* Extracted material:
------------

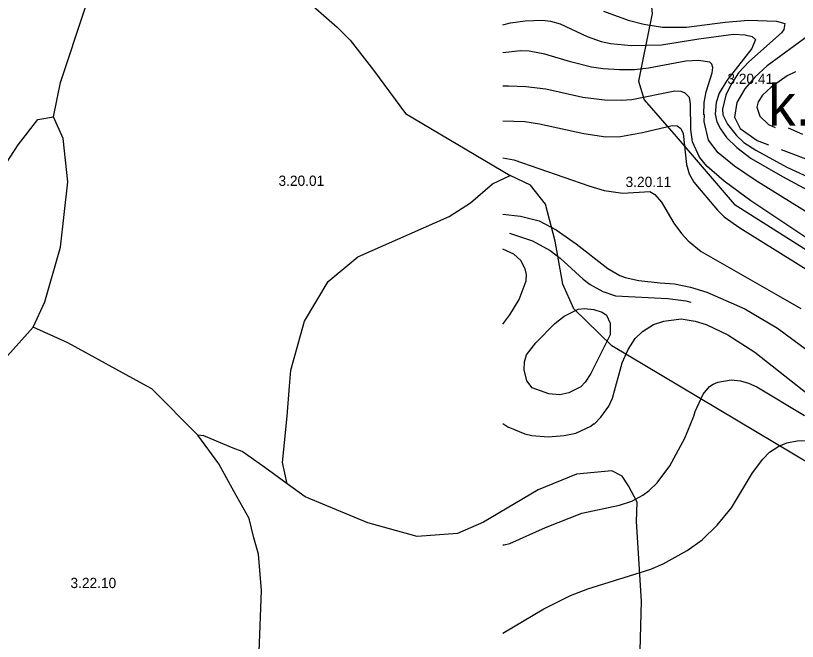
# Model space of a CAD drawing. Extents: x -662500 to -653478, y -1056827 to -1049993.
# Drawn here: x -661949 to -661377, y -1052187 to -1051729 of the extents above; entities that cross this region are included whole.
import ezdxf

# ---------------------------------------------------------------- set-up
doc = ezdxf.new("R2010")
doc.units = 0
for name, color, linetype in [('58', 7, 'Continuous'), ('Vrstva 24', 7, 'Continuous'), ('Vrstva 7', 7, 'Continuous')]:
    doc.layers.add(name, color=color, linetype=linetype)

msp = doc.modelspace()

# ---------------------------------------------------------------- linework, layer by layer
at = {"layer": 'Vrstva 24'}
for points in [[(-661490, -1051648), (-661487.5, -1051669), (-661486.5, -1051694), (-661483, -1051727.5), (-661490.5, -1051763.5), (-661493, -1051777), (-661489, -1051790.5), (-661465.5, -1051817.5), (-661423, -1051867), (-661344, -1051917)], [(-661921, -1051803), (-661916, -1051778), (-661898, -1051723.5), (-661882, -1051673)], [(-661882, -1051673), (-661865.5, -1051680), (-661808.5, -1051691), (-661771.5, -1051702.5), (-661762, -1051705), (-661744, -1051714.5), (-661731, -1051722), (-661713.5, -1051737.5), (-661704, -1051747), (-661687, -1051769), (-661663.5, -1051800.5), (-661587, -1051846)], [(-662096, -1051971), (-662093, -1051958.5), (-662081.5, -1051931.5), (-662066.5, -1051913.5), (-661997.5, -1051871.5), (-661971, -1051851), (-661958.5, -1051841.5), (-661947, -1051823.5), (-661932.5, -1051805), (-661921, -1051803)], [(-661936, -1051957), (-661927.5, -1051938.5), (-661916, -1051898.5), (-661910.5, -1051850.5), (-661914, -1051819), (-661921, -1051803)], [(-661750, -1052071.5), (-661753.5, -1052056), (-661750, -1052022), (-661748.36, -1052000), (-661747.5, -1051988.5), (-661737.5, -1051952.5), (-661720, -1051923.5), (-661698.5, -1051905.5), (-661631.5, -1051876), (-661616, -1051866), (-661600, -1051852), (-661587, -1051846)], [(-661191, -1052048), (-661295, -1052071.5), (-661327.5, -1052073.5), (-661352, -1052066.5), (-661463.18, -1052000), (-661512.5, -1051970.5), (-661540.5, -1051943.5), (-661548.5, -1051925.5), (-661554, -1051894), (-661561, -1051867), (-661572, -1051853), (-661587, -1051846)], [(-661794, -1052312.5), (-661840, -1052307.5), (-661898, -1052305.5), (-661929.5, -1052300.5), (-661957, -1052291.5), (-661974.5, -1052281), (-662001, -1052255), (-662045.5, -1052192), (-662051, -1052169.5), (-662044.5, -1052124.5), (-662027, -1052066), (-662005.5, -1052025.5), (-661977.17, -1052000), (-661965.5, -1051989.5), (-661936, -1051957)], [(-661815.5, -1052036), (-661849, -1052002), (-661852.67, -1052000), (-661910.5, -1051968.5), (-661936, -1051957)], [(-661794, -1052312.5), (-661770.5, -1052194.5), (-661769, -1052149.5), (-661771, -1052123), (-661774.5, -1052111), (-661778, -1052097), (-661789, -1052077.5), (-661800, -1052057), (-661815.5, -1052036)], [(-661750, -1052071.5), (-661766.5, -1052059.5), (-661783, -1052048), (-661789.5, -1052045.5), (-661811, -1052036.5), (-661815.5, -1052036)], [(-661493, -1052317.5), (-661495, -1052310.5), (-661491, -1052157.5), (-661494.5, -1052099), (-661494, -1052085), (-661500.5, -1052073), (-661505, -1052066), (-661512.5, -1052062), (-661538.5, -1052064.5), (-661566.5, -1052076), (-661606.5, -1052099.5), (-661625.5, -1052108), (-661655, -1052110), (-661691, -1052100), (-661737, -1052081), (-661750, -1052071.5)]]:
    msp.add_lwpolyline(points, dxfattribs=at)
at = {"layer": 'Vrstva 7'}
for p, q in [((-661518.72, -1051725.73), (-661500.58, -1051732.39)), ((-661518.72, -1051725.73), (-661500.58, -1051732.39)), ((-661592.25, -1051735.65), (-661586.74, -1051734.38)), ((-661592.25, -1051735.65), (-661586.74, -1051734.38)), ((-661586.74, -1051734.38), (-661575.97, -1051732.82)), ((-661586.74, -1051734.38), (-661575.97, -1051732.82)), ((-661575.97, -1051732.82), (-661563.22, -1051732.25)), ((-661575.97, -1051732.82), (-661563.22, -1051732.25)), ((-661563.22, -1051732.25), (-661557.55, -1051732.96)), ((-661563.22, -1051732.25), (-661557.55, -1051732.96)), ((-661557.55, -1051732.96), (-661550.46, -1051735.08)), ((-661557.55, -1051732.96), (-661550.46, -1051735.08)), ((-661550.46, -1051735.08), (-661530.62, -1051744.3)), ((-661550.46, -1051735.08), (-661530.62, -1051744.3)), ((-661500.58, -1051732.39), (-661489.24, -1051735.23)), ((-661500.58, -1051732.39), (-661489.24, -1051735.23)), ((-661489.24, -1051735.23), (-661475.64, -1051737.35)), ((-661489.24, -1051735.23), (-661475.64, -1051737.35)), ((-661458.07, -1051737.35), (-661429.72, -1051733.67)), ((-661458.07, -1051737.35), (-661429.72, -1051733.67)), ((-661429.72, -1051733.67), (-661412.72, -1051732.39)), ((-661429.72, -1051733.67), (-661412.72, -1051732.39)), ((-661412.72, -1051732.39), (-661392.03, -1051733.1)), ((-661412.72, -1051732.39), (-661392.03, -1051733.1)), ((-661392.03, -1051733.1), (-661385.93, -1051734.66)), ((-661392.03, -1051733.1), (-661385.93, -1051734.66)), ((-661385.93, -1051734.66), (-661386.78, -1051739.05)), ((-661385.93, -1051734.66), (-661386.78, -1051739.05)), ((-661475.64, -1051737.35), (-661458.07, -1051737.35)), ((-661475.64, -1051737.35), (-661458.07, -1051737.35)), ((-661448.99, -1051745.85), (-661423.49, -1051742.6)), ((-661448.99, -1051745.85), (-661423.49, -1051742.6)), ((-661423.49, -1051742.6), (-661414.98, -1051743.02)), ((-661423.49, -1051742.6), (-661414.98, -1051743.02)), ((-661388.48, -1051741.46), (-661412.43, -1051762.72)), ((-661388.48, -1051741.46), (-661412.43, -1051762.72)), ((-661386.78, -1051739.05), (-661388.48, -1051741.46)), ((-661386.78, -1051739.05), (-661388.48, -1051741.46)), ((-661530.62, -1051744.3), (-661520.42, -1051747.84)), ((-661530.62, -1051744.3), (-661520.42, -1051747.84)), ((-661520.42, -1051747.84), (-661513.62, -1051749.4)), ((-661520.42, -1051747.84), (-661513.62, -1051749.4)), ((-661476.2, -1051750.25), (-661448.99, -1051745.85)), ((-661476.2, -1051750.25), (-661448.99, -1051745.85)), ((-661414.98, -1051743.02), (-661409.88, -1051744.3)), ((-661414.98, -1051743.02), (-661409.88, -1051744.3)), ((-661407.47, -1051746.42), (-661410.17, -1051753.08)), ((-661407.47, -1051746.42), (-661410.17, -1051753.08)), ((-661409.88, -1051744.3), (-661407.47, -1051746.42)), ((-661409.88, -1051744.3), (-661407.47, -1051746.42)), ((-661368.97, -1051743.8), (-661398.97, -1051765.84)), ((-661513.62, -1051749.4), (-661498.31, -1051750.96)), ((-661513.62, -1051749.4), (-661498.31, -1051750.96)), ((-661498.31, -1051750.96), (-661476.2, -1051750.25)), ((-661498.31, -1051750.96), (-661476.2, -1051750.25)), ((-661410.17, -1051753.08), (-661428.45, -1051776.47)), ((-661410.17, -1051753.08), (-661428.45, -1051776.47)), ((-661579.37, -1051754.64), (-661592.25, -1051756.19)), ((-661573.14, -1051755.07), (-661579.37, -1051754.64)), ((-661561.52, -1051757.19), (-661573.14, -1051755.07)), ((-661542.81, -1051762.86), (-661561.52, -1051757.19)), ((-661527.51, -1051766.69), (-661542.81, -1051762.86)), ((-661458.35, -1051762.29), (-661485.84, -1051767.54)), ((-661449.28, -1051761.87), (-661458.35, -1051762.29)), ((-661440.78, -1051763.15), (-661449.28, -1051761.87)), ((-661439.5, -1051764.56), (-661440.78, -1051763.15)), ((-661438.79, -1051766.83), (-661439.5, -1051764.56)), ((-661412.43, -1051762.72), (-661419.94, -1051770.94)), ((-661412.43, -1051762.72), (-661419.94, -1051770.94)), ((-661398.97, -1051765.84), (-661407.9, -1051773.92)), ((-661519, -1051767.96), (-661527.51, -1051766.69)), ((-661507.1, -1051768.67), (-661519, -1051767.96)), ((-661496.05, -1051768.53), (-661507.1, -1051768.67)), ((-661485.84, -1051767.54), (-661496.05, -1051768.53)), ((-661443.47, -1051784.69), (-661439.08, -1051770.8)), ((-661439.08, -1051770.8), (-661438.79, -1051766.83)), ((-661419.94, -1051770.94), (-661425.61, -1051779.58)), ((-661419.94, -1051770.94), (-661425.61, -1051779.58)), ((-661378.28, -1051770.23), (-661384.37, -1051772.92)), ((-661428.45, -1051776.47), (-661433.97, -1051785.82)), ((-661428.45, -1051776.47), (-661433.97, -1051785.82)), ((-661407.9, -1051773.92), (-661415.41, -1051782.56)), ((-661384.37, -1051772.92), (-661396.14, -1051781.43)), ((-661588.16, -1051780.58), (-661592.25, -1051780.7)), ((-661575.41, -1051781.14), (-661588.16, -1051780.58)), ((-661560.95, -1051782.84), (-661575.41, -1051781.14)), ((-661533.74, -1051788.79), (-661560.95, -1051782.84)), ((-661425.61, -1051779.58), (-661429.16, -1051787.24)), ((-661425.61, -1051779.58), (-661429.16, -1051787.24)), ((-661415.41, -1051782.56), (-661421.22, -1051792.48)), ((-661396.14, -1051781.43), (-661402.37, -1051787.09)), ((-661466.57, -1051784.26), (-661498.03, -1051790.5)), ((-661461.75, -1051784.54), (-661466.57, -1051784.26)), ((-661458.92, -1051785.68), (-661461.75, -1051784.54)), ((-661455.8, -1051788.8), (-661458.92, -1051785.68)), ((-661445.03, -1051792.62), (-661443.47, -1051784.69)), ((-661433.97, -1051785.82), (-661436.38, -1051792.62)), ((-661433.97, -1051785.82), (-661436.38, -1051792.62)), ((-661429.16, -1051787.24), (-661431.71, -1051797.44)), ((-661429.16, -1051787.24), (-661431.71, -1051797.44)), ((-661402.37, -1051787.09), (-661405.63, -1051792.05)), ((-661517.87, -1051790.92), (-661533.74, -1051788.79)), ((-661505.68, -1051791.06), (-661517.87, -1051790.92)), ((-661498.03, -1051790.5), (-661505.68, -1051791.06)), ((-661455.09, -1051793.47), (-661455.8, -1051788.8)), ((-661454.81, -1051812.18), (-661455.09, -1051793.47)), ((-661445.31, -1051801.69), (-661445.03, -1051792.62)), ((-661436.38, -1051792.62), (-661436.95, -1051801.12)), ((-661436.38, -1051792.62), (-661436.95, -1051801.12)), ((-661421.22, -1051792.48), (-661422.92, -1051803.25)), ((-661405.63, -1051792.05), (-661406.48, -1051796.02)), ((-661431.71, -1051797.44), (-661431.28, -1051801.69)), ((-661431.71, -1051797.44), (-661431.28, -1051801.69)), ((-661406.48, -1051796.02), (-661404.35, -1051802.54)), ((-661444.74, -1051801.69), (-661445.31, -1051801.69)), ((-661445.03, -1051806.51), (-661444.74, -1051801.69)), ((-661436.95, -1051801.12), (-661435.67, -1051806.79)), ((-661436.95, -1051801.12), (-661435.67, -1051806.79)), ((-661431.28, -1051801.69), (-661428.02, -1051808.49)), ((-661431.28, -1051801.69), (-661428.02, -1051808.49)), ((-661422.92, -1051803.25), (-661418.81, -1051811.61)), ((-661404.35, -1051802.54), (-661397.91, -1051808.56)), ((-661592.25, -1051805.95), (-661576.26, -1051806.51)), ((-661576.26, -1051806.51), (-661565.49, -1051808.21)), ((-661565.49, -1051808.21), (-661533.18, -1051815.3)), ((-661490.09, -1051814.59), (-661468.55, -1051809.34)), ((-661468.55, -1051809.34), (-661464.87, -1051809.72)), ((-661464.87, -1051809.72), (-661462.18, -1051811.61)), ((-661441.77, -1051820.11), (-661445.03, -1051806.51)), ((-661435.67, -1051806.79), (-661433.12, -1051811.75)), ((-661435.67, -1051806.79), (-661433.12, -1051811.75)), ((-661428.02, -1051808.49), (-661421.5, -1051816.57)), ((-661428.02, -1051808.49), (-661421.5, -1051816.57)), ((-661397.91, -1051808.56), (-661393.16, -1051810.9)), ((-661372.75, -1051816.01), (-661383.33, -1051811.28)), ((-661533.18, -1051815.3), (-661517.02, -1051817.56)), ((-661506.25, -1051817.42), (-661490.09, -1051814.59)), ((-661462.18, -1051811.61), (-661460.47, -1051815.3)), ((-661460.47, -1051815.3), (-661458.07, -1051837.97)), ((-661453.53, -1051821.25), (-661454.81, -1051812.18)), ((-661433.12, -1051811.75), (-661428.59, -1051818.27)), ((-661433.12, -1051811.75), (-661428.59, -1051818.27)), ((-661421.5, -1051816.57), (-661415.97, -1051821.81)), ((-661421.5, -1051816.57), (-661415.97, -1051821.81)), ((-661418.81, -1051811.61), (-661406.2, -1051820.26)), ((-661517.02, -1051817.56), (-661506.25, -1051817.42)), ((-661448.43, -1051832.59), (-661453.53, -1051821.25)), ((-661434.82, -1051829.47), (-661441.77, -1051820.11)), ((-661428.59, -1051818.27), (-661421.22, -1051825.36)), ((-661428.59, -1051818.27), (-661421.22, -1051825.36)), ((-661415.97, -1051821.81), (-661407.33, -1051827.48)), ((-661415.97, -1051821.81), (-661407.33, -1051827.48)), ((-661406.2, -1051820.26), (-661397.96, -1051823.42)), ((-661421.22, -1051825.36), (-661410.73, -1051833.58)), ((-661421.22, -1051825.36), (-661410.73, -1051833.58)), ((-661407.33, -1051827.48), (-661384.66, -1051839.81)), ((-661407.33, -1051827.48), (-661384.66, -1051839.81)), ((-661332.79, -1051848.46), (-661388.36, -1051827.11)), ((-661592.25, -1051832.94), (-661584.19, -1051834.57)), ((-661443.19, -1051839.1), (-661448.43, -1051832.59)), ((-661422.78, -1051839.1), (-661434.82, -1051829.47)), ((-661410.73, -1051833.58), (-661387.77, -1051846.76)), ((-661410.73, -1051833.58), (-661387.77, -1051846.76)), ((-661584.19, -1051834.57), (-661529.49, -1051853.56)), ((-661458.07, -1051837.97), (-661455.94, -1051844.63)), ((-661430.29, -1051850.02), (-661443.19, -1051839.1)), ((-661406.91, -1051849.88), (-661422.78, -1051839.1)), ((-661384.66, -1051839.81), (-661357.45, -1051852.28)), ((-661384.66, -1051839.81), (-661357.45, -1051852.28)), ((-661455.94, -1051844.63), (-661452.68, -1051850.87)), ((-661452.68, -1051850.87), (-661435.39, -1051871.27)), ((-661411.02, -1051864.47), (-661430.29, -1051850.02)), ((-661352.06, -1051883.89), (-661406.91, -1051849.88)), ((-661387.77, -1051846.76), (-661345.26, -1051869.86)), ((-661387.77, -1051846.76), (-661345.26, -1051869.86)), ((-661529.49, -1051853.56), (-661518.15, -1051856.96)), ((-661518.15, -1051856.96), (-661504.55, -1051858.8)), ((-661504.55, -1051858.8), (-661484.85, -1051857.67)), ((-661484.85, -1051857.67), (-661481.17, -1051859.94)), ((-661481.17, -1051859.94), (-661476.35, -1051865.46)), ((-661476.35, -1051865.46), (-661467.14, -1051880.77)), ((-661360, -1051898.63), (-661411.02, -1051864.47)), ((-661592.25, -1051874.24), (-661579.37, -1051875.67)), ((-661435.39, -1051871.27), (-661430.29, -1051876.09)), ((-661579.37, -1051875.67), (-661565.77, -1051879.07)), ((-661565.77, -1051879.07), (-661553.3, -1051885.73)), ((-661430.29, -1051876.09), (-661418.95, -1051884.31)), ((-661553.3, -1051885.73), (-661538.7, -1051895.93)), ((-661467.14, -1051880.77), (-661461.61, -1051888.42)), ((-661418.95, -1051884.31), (-661362.97, -1051919.17)), ((-661587.45, -1051888.14), (-661570.59, -1051893.81)), ((-661461.61, -1051888.42), (-661456.65, -1051893.81)), ((-661570.59, -1051893.81), (-661557.69, -1051900.89)), ((-661538.7, -1051895.93), (-661515.46, -1051914.07)), ((-661456.65, -1051893.81), (-661447.15, -1051901.6)), ((-661584.33, -1051903.44), (-661592.25, -1051899.84)), ((-661557.69, -1051900.89), (-661550.32, -1051906.42)), ((-661447.15, -1051901.6), (-661392.53, -1051932.69)), ((-661579.23, -1051908.26), (-661584.33, -1051903.44)), ((-661575.97, -1051914.22), (-661579.23, -1051908.26)), ((-661550.32, -1051906.42), (-661533.46, -1051921.87)), ((-661574.98, -1051918.47), (-661575.97, -1051914.22)), ((-661515.46, -1051914.07), (-661506.82, -1051919.03)), ((-661575.26, -1051923), (-661574.98, -1051918.47)), ((-661506.82, -1051919.03), (-661502.85, -1051920.59)), ((-661580.37, -1051936.61), (-661575.26, -1051923)), ((-661533.46, -1051921.87), (-661528.5, -1051925.69)), ((-661528.5, -1051925.69), (-661519.15, -1051930.94)), ((-661502.85, -1051920.59), (-661492.93, -1051922.72)), ((-661492.93, -1051922.72), (-661477.34, -1051924.56)), ((-661477.34, -1051924.56), (-661466.85, -1051925.13)), ((-661466.85, -1051925.13), (-661454.95, -1051927.54)), ((-661519.15, -1051930.94), (-661509.93, -1051933.91)), ((-661454.95, -1051927.54), (-661443.04, -1051931.22)), ((-661443.04, -1051931.22), (-661415.27, -1051943.41)), ((-661587.17, -1051947.94), (-661580.37, -1051936.61)), ((-661509.93, -1051933.91), (-661471.67, -1051935.9)), ((-661471.67, -1051935.9), (-661458.35, -1051937.6)), ((-661392.53, -1051932.69), (-661374.39, -1051943.32)), ((-661458.35, -1051937.6), (-661454.81, -1051938.59)), ((-661592.25, -1051954.82), (-661587.17, -1051947.94)), ((-661547.35, -1051948.94), (-661537.28, -1051943.69)), ((-661537.28, -1051943.69), (-661532.61, -1051943.27)), ((-661532.61, -1051943.27), (-661525.81, -1051943.98)), ((-661525.81, -1051943.98), (-661519.57, -1051945.96)), ((-661519.57, -1051945.96), (-661516.45, -1051948.08)), ((-661516.45, -1051948.08), (-661513.9, -1051953.9)), ((-661415.27, -1051943.41), (-661391.46, -1051957.72)), ((-661568.18, -1051968.35), (-661554.29, -1051954.32)), ((-661554.29, -1051954.32), (-661547.35, -1051948.94)), ((-661513.9, -1051953.9), (-661513.93, -1051962.45)), ((-661482.16, -1051954.89), (-661474.5, -1051952.48)), ((-661482.16, -1051954.89), (-661474.5, -1051952.48)), ((-661474.5, -1051952.48), (-661461.75, -1051950.92)), ((-661474.5, -1051952.48), (-661461.75, -1051950.92)), ((-661461.75, -1051950.92), (-661451.55, -1051952.48)), ((-661461.75, -1051950.92), (-661451.55, -1051952.48)), ((-661451.55, -1051952.48), (-661443.61, -1051954.89)), ((-661451.55, -1051952.48), (-661443.61, -1051954.89)), ((-661495.48, -1051965.23), (-661490.09, -1051959.99)), ((-661495.48, -1051965.23), (-661490.09, -1051959.99)), ((-661490.09, -1051959.99), (-661482.16, -1051954.89)), ((-661490.09, -1051959.99), (-661482.16, -1051954.89)), ((-661443.61, -1051954.89), (-661427.74, -1051962.54)), ((-661443.61, -1051954.89), (-661427.74, -1051962.54)), ((-661391.46, -1051957.72), (-661348.66, -1051989.18)), ((-661513.93, -1051962.45), (-661527.93, -1051990.74)), ((-661500.58, -1051973.17), (-661495.48, -1051965.23)), ((-661500.58, -1051973.17), (-661495.48, -1051965.23)), ((-661427.74, -1051962.54), (-661407.9, -1051975.29)), ((-661427.74, -1051962.54), (-661407.9, -1051975.29)), ((-661574.98, -1051977.14), (-661568.18, -1051968.35)), ((-661576.51, -1051982.27), (-661574.98, -1051977.14)), ((-661504.97, -1051983.09), (-661500.58, -1051973.17)), ((-661504.97, -1051983.09), (-661500.58, -1051973.17)), ((-661407.9, -1051975.29), (-661368.78, -1052006.19)), ((-661407.9, -1051975.29), (-661368.78, -1052006.19)), ((-661576.82, -1051988.19), (-661576.51, -1051982.27)), ((-661512.06, -1052008.88), (-661504.97, -1051983.09)), ((-661512.06, -1052008.88), (-661504.97, -1051983.09)), ((-661574.7, -1051996.13), (-661576.82, -1051988.19)), ((-661527.93, -1051990.74), (-661532.18, -1051997.12)), ((-661570.87, -1052001.37), (-661574.7, -1051996.13)), ((-661532.18, -1051997.12), (-661535.3, -1052000.52)), ((-661441.2, -1052000.38), (-661438.51, -1051998.54)), ((-661438.51, -1051998.54), (-661435.11, -1051997.26)), ((-661435.11, -1051997.26), (-661425.19, -1051995.56)), ((-661425.19, -1051995.56), (-661418.39, -1051996.27)), ((-661418.39, -1051996.27), (-661412.72, -1051997.83)), ((-661412.72, -1051997.83), (-661406.62, -1052000.66)), ((-661558.68, -1052005.62), (-661570.87, -1052001.37)), ((-661550.61, -1052006.33), (-661558.68, -1052005.62)), ((-661544.07, -1052005.04), (-661550.61, -1052006.33)), ((-661535.3, -1052000.52), (-661544.07, -1052005.04)), ((-661451.69, -1052018.52), (-661445.88, -1052006.05)), ((-661445.88, -1052006.05), (-661441.2, -1052000.38)), ((-661406.62, -1052000.66), (-661371.62, -1052021.64)), ((-661514.75, -1052014.83), (-661512.06, -1052008.88)), ((-661514.75, -1052014.83), (-661512.06, -1052008.88)), ((-661520.56, -1052022.77), (-661514.75, -1052014.83)), ((-661520.56, -1052022.77), (-661514.75, -1052014.83)), ((-661525.38, -1052027.59), (-661520.56, -1052022.77)), ((-661525.38, -1052027.59), (-661520.56, -1052022.77)), ((-661459.2, -1052038.07), (-661452.54, -1052021.92)), ((-661452.54, -1052021.92), (-661451.69, -1052018.52)), ((-661592.25, -1052027.48), (-661588.73, -1052029.85)), ((-661592.25, -1052027.48), (-661588.73, -1052029.85)), ((-661528.07, -1052029.43), (-661526.09, -1052027.59)), ((-661528.07, -1052029.43), (-661526.09, -1052027.59)), ((-661526.09, -1052027.59), (-661525.38, -1052027.59)), ((-661526.09, -1052027.59), (-661525.38, -1052027.59)), ((-661588.73, -1052029.85), (-661576.26, -1052034.96)), ((-661588.73, -1052029.85), (-661576.26, -1052034.96)), ((-661547.35, -1052036.23), (-661538.84, -1052034.39)), ((-661547.35, -1052036.23), (-661538.84, -1052034.39)), ((-661538.84, -1052034.39), (-661528.07, -1052029.43)), ((-661538.84, -1052034.39), (-661528.07, -1052029.43)), ((-661576.26, -1052034.96), (-661571.16, -1052036.23)), ((-661576.26, -1052034.96), (-661571.16, -1052036.23)), ((-661571.16, -1052036.23), (-661559.25, -1052037.22)), ((-661571.16, -1052036.23), (-661559.25, -1052037.22)), ((-661559.25, -1052037.22), (-661547.35, -1052036.23)), ((-661559.25, -1052037.22), (-661547.35, -1052036.23)), ((-661470.11, -1052058.48), (-661459.2, -1052038.07)), ((-661384.66, -1052041.62), (-661377, -1052040.2)), ((-661377, -1052040.2), (-661366.8, -1052039.77)), ((-661397.27, -1052048.42), (-661390.33, -1052044.03)), ((-661390.33, -1052044.03), (-661384.66, -1052041.62)), ((-661402.23, -1052053.38), (-661397.27, -1052048.42)), ((-661409.74, -1052063.58), (-661402.23, -1052053.38)), ((-661479.46, -1052070.81), (-661470.11, -1052058.48)), ((-661425.05, -1052089.09), (-661409.74, -1052063.58)), ((-661485.28, -1052076.48), (-661479.46, -1052070.81)), ((-661498.03, -1052084.13), (-661489.81, -1052079.88)), ((-661489.81, -1052079.88), (-661485.28, -1052076.48)), ((-661507.1, -1052087.11), (-661498.03, -1052084.13)), ((-661534.59, -1052093.06), (-661507.1, -1052087.11)), ((-661435.53, -1052101.85), (-661425.05, -1052089.09)), ((-661561.09, -1052103.41), (-661534.59, -1052093.06)), ((-661446.44, -1052112.48), (-661435.53, -1052101.85)), ((-661587.31, -1052115.17), (-661561.09, -1052103.41)), ((-661457.5, -1052120.41), (-661446.44, -1052112.48)), ((-661592.25, -1052116.21), (-661591.42, -1052116.16)), ((-661591.42, -1052116.16), (-661587.31, -1052115.17)), ((-661475.07, -1052130.05), (-661457.5, -1052120.41)), ((-661484.14, -1052134.02), (-661475.07, -1052130.05)), ((-661530.06, -1052148.47), (-661484.14, -1052134.02)), ((-661542.81, -1052153.29), (-661530.06, -1052148.47)), ((-661562.37, -1052162.93), (-661542.81, -1052153.29)), ((-661592.25, -1052180.9), (-661562.37, -1052162.93))]:
    msp.add_line(p, q, dxfattribs=at)

# ---------------------------------------------------------------- texts
at = {"layer": '58'}
msp.add_text('k.ú. Žáravice', height=30, dxfattribs=at).set_placement((-661398.23, -1051809.48))
at = {"layer": 'Vrstva 24'}
for s, p in [('3.20.41', (-661428.05, -1051778.96)), ('3.20.01', (-661756.45, -1051853.54)), ('3.20.11', (-661502.53, -1051854.39)), ('3.22.10', (-661908.63, -1052147.81))]:
    msp.add_text(s, height=7.5, dxfattribs=at).set_placement(p)

doc.saveas('drawing.dxf')

------------

* Your instructions: Your answer should be only a number: how many lines of the data above contain the string "height"?

* Output below: 2